YOUR INSTRUCTIONS: Determine which lines of the records include the word "Inventor", and copy them.

EXTRACTED RECORDS:
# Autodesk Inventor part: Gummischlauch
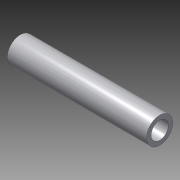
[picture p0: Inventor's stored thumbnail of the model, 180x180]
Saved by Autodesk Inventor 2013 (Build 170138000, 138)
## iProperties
Created: 2012-07
Part Number: Gummischlauch
Material: PVC, hart
Document SubType Name: Modeling
Designer: rYan
Mass: 7.31865 g
Surface Area: 53.9097 cm^2
Volume: 5.22761 cm^3
Density: 1.4 g/cm^3
Author: rYan
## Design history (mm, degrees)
sketch "Skizze1"
  geometry: C1 r 4 at (0, 0); C2 r 6 at (0, 0); 1 further point
  constraints: 2 centre point, 2 coincident
  dimensions: "d0" = 8 diameter of C1; "d1" = 2 radial gap between concentric circles of C2 C1
extrude "Extrusion1" new body sketch "Skizze1" distance "d2" = 64; taper "d3" = 0 deg
node "Volumenkörper1"
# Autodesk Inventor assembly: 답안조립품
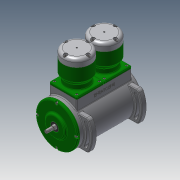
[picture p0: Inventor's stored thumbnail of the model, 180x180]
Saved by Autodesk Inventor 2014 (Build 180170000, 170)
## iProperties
Created: 2017-08
Part Number: 답안조립품
Document SubType Name: Assembly
Designer: user
Author: user
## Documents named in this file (16)
- C:\Users\user\Desktop\370808V1004\답안조립품.iam
- C:\Users\user\Desktop\370808V1004\본체.ipt
- C:\Users\user\Desktop\370808V1004\너트 M4.ipt
- C:\Users\user\Desktop\370808V1004\베어링 12 x 28 x 8.ipt
- C:\Users\user\Desktop\370808V1004\볼트 M4 x 8.ipt
- C:\Users\user\Desktop\370808V1004\볼트 M5 x 20.ipt
- C:\Users\user\Desktop\370808V1004\실린더.ipt
- C:\Users\user\Desktop\370808V1004\실린더헤드.ipt
- C:\Users\user\Desktop\370808V1004\앞커버.ipt
- C:\Users\user\Desktop\370808V1004\오일 실 12 25 7.ipt
- C:\Users\user\Desktop\370808V1004\육각 머리 볼트 M4 x 16.ipt
- C:\Users\user\Desktop\370808V1004\커넥팅로드 엔드.ipt
- C:\Users\user\Desktop\370808V1004\커넥팅로드.ipt
- C:\Users\user\Desktop\370808V1004\크랭크축.ipt
- C:\Users\user\Desktop\370808V1004\피스톤.ipt
- C:\Users\user\Desktop\370808V1004\피스톤핀.ipt
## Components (4 placed, 2 different names)
1. 피스톤:1
2. 피스톤핀:1
3. 피스톤:2
4. 피스톤핀:2
## Named parameters: d20_d19 = 0, d29_d23 = 0, d30_d24 = 0, d31_d25 = 0, d32_d26 = 0, d33_d10 = 0, d34_d11 = 0, d35_d12 = 0, d36_d13 = 0, d37_d14 = 0, d38_d15 = 0, d39_d16 = 0, d40_d17 = 0, d41_d18 = 0, d42_d19 = 0, d43_d20_d19 = 0, d44_d21 = 0, d45_d22 = 0, d46_d8 = 0, d47_d9 = 0

RESPONSE TO THIS EXERCISE:
# Autodesk Inventor part: Gummischlauch
[picture p0: Inventor's stored thumbnail of the model, 180x180]
Saved by Autodesk Inventor 2013 (Build 170138000, 138)
# Autodesk Inventor assembly: 답안조립품
[picture p0: Inventor's stored thumbnail of the model, 180x180]
Saved by Autodesk Inventor 2014 (Build 180170000, 170)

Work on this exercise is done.